At the site where Brown was killed along the center of Canfield Drive, residents had set up a street memorial that included candles, teddy bears, protest signs, and a St. Louis Cardinals cap.
Fort says he and other Freedom Riders were transfixed by this display of love and grief.
“It was a deeply spiritual experience where the sacred and the secular were connecting,” he says. “We were protesting police violence, but we were also honoring the life of Michael Brown, and there was this beloved community that took form and had a certain shape and texture different from the protests.”
Reeves too felt transformed by what he saw in Ferguson. Drawn initially by the historic connection to the 1960s civil rights movement, he felt he was witnessing the emergence of something wholly new as he attended rallies and teach-ins. Black Lives Matter, he noted, was led by women and welcoming to the LGBTQ community and people of all ages. Some were religious. Many were not. Poets, hip-hop artists, and even a few Wiccans were in the crowd, he says.
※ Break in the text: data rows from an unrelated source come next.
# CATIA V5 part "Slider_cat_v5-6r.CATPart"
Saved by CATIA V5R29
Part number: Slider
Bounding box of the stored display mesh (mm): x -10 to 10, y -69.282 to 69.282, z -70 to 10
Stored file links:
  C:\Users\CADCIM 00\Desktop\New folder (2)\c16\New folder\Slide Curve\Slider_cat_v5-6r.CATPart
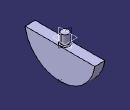
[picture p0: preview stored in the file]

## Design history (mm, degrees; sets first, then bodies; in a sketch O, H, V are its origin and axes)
Body1 (main body)
  Sketch1 on yz-plane, origin (0, 0, 0), H (0, 1, 0), V (0, 0, 1)
    arc A1 centre (0, 0) radius 70 from (-69.282, -10) to (69.282, -10) ccw
    point P1 (0, 0)
    point P2 (-69.282, -10)
    point P3 (69.282, -10)
    point P4 (0, 0)
    point P5 (-69.282, -10)
    line L1 (-69.282, -10) -> (69.282, -10)
    point P6 (69.282, -10)
    point P7 (-69.282, -10)
    reference intersected line E1 through (0, 0) direction (-1, 0) from xy-plane
    reference intersected line E3 through (0, 0) direction (0, 1) from zx-plane
    radius A1 = 70
    distance L1 P1 = 10
    coincidence: P1 V, P4 V, P6 P3, P7 A1, P2 P7, E3 P1, P2 L1, P3 L1, H P4, P2 P5, P1 H
    horizontal: L1 H, E1 H
    vertical: E3 V
    perpendicularity: E3 L1
  Pad1: profile Sketch1, direction (1, 0, 0), length 10, mirrored extent
  Point1: type OnCurve, Support edge [face of Pad1 from Sketch1.A1 | end face of Pad1], Ratio 0.5
  Sketch2 on face of Pad1 from Sketch1.L1, origin (0, 0, -10), H (1, 0, 0), V (0, 1, 0)
    circle A1 centre (0, 0) radius 7.5
    point P1 (0, 0)
    reference projected line E1 (10, 69.282) -> (10, -69.282) from edge [face of Pad1 from Sketch1.L1 | end face of Pad1]
    radius A1 = 7.5
    distance P1 E1 = 10
    coincidence: P1 H
  Pad2: profile Sketch2, direction (0, 0, 1), length 20
  Fillet1: radius 2, on edge [face of Pad1 from Sketch1.L1 | face of Pad2 from Sketch2.A1]

“It was grassroots organizers and activists coming together for Black life,” Reeves says. “As a theologian and as a practitioner, that for me was in line with the God and the Jesus I follow, and it was transforming.”
On Saturday, Aug. 31, the Freedom Ride participants along with scores of others marched to the Ferguson police station, facing police officers who were lined up to form a barricade. And in that moment, Reeves felt that everything he learned in Seminary was being put into practice under dangerous circumstances.
“I remember thinking, ‘Am I okay with it all ending here, for the sake of justice, not only for Mike Brown, but for Black folk all over?’’ he says. “And I was okay with that. I think that was a peace many folks made in that space.”
When the weekend ended, participants went home and formed Black Lives Matters chapters in 18 cities, and soon the movement developed the infrastructure for its global network.
Reflecting on that weekend, the Princeton Seminary alums acknowledged the struggle for racial justice is hardly over. But they said Ferguson was the beginning of something new, and enduring. They could see that in the global response to the killings of George Floyd, Breonna Taylor, and other Black Americans in 2020. And they said the decentralized approach of Black Lives Matter, which seeks to bring the marginalized voices of women and LGBTQ people into leadership roles, is empowering in ways that earlier movements were not.
“I knew that we had crossed into a new state of reckoning with racial injustice,” Moore says. “I knew in a moment this is a collective that is making history and herstory.”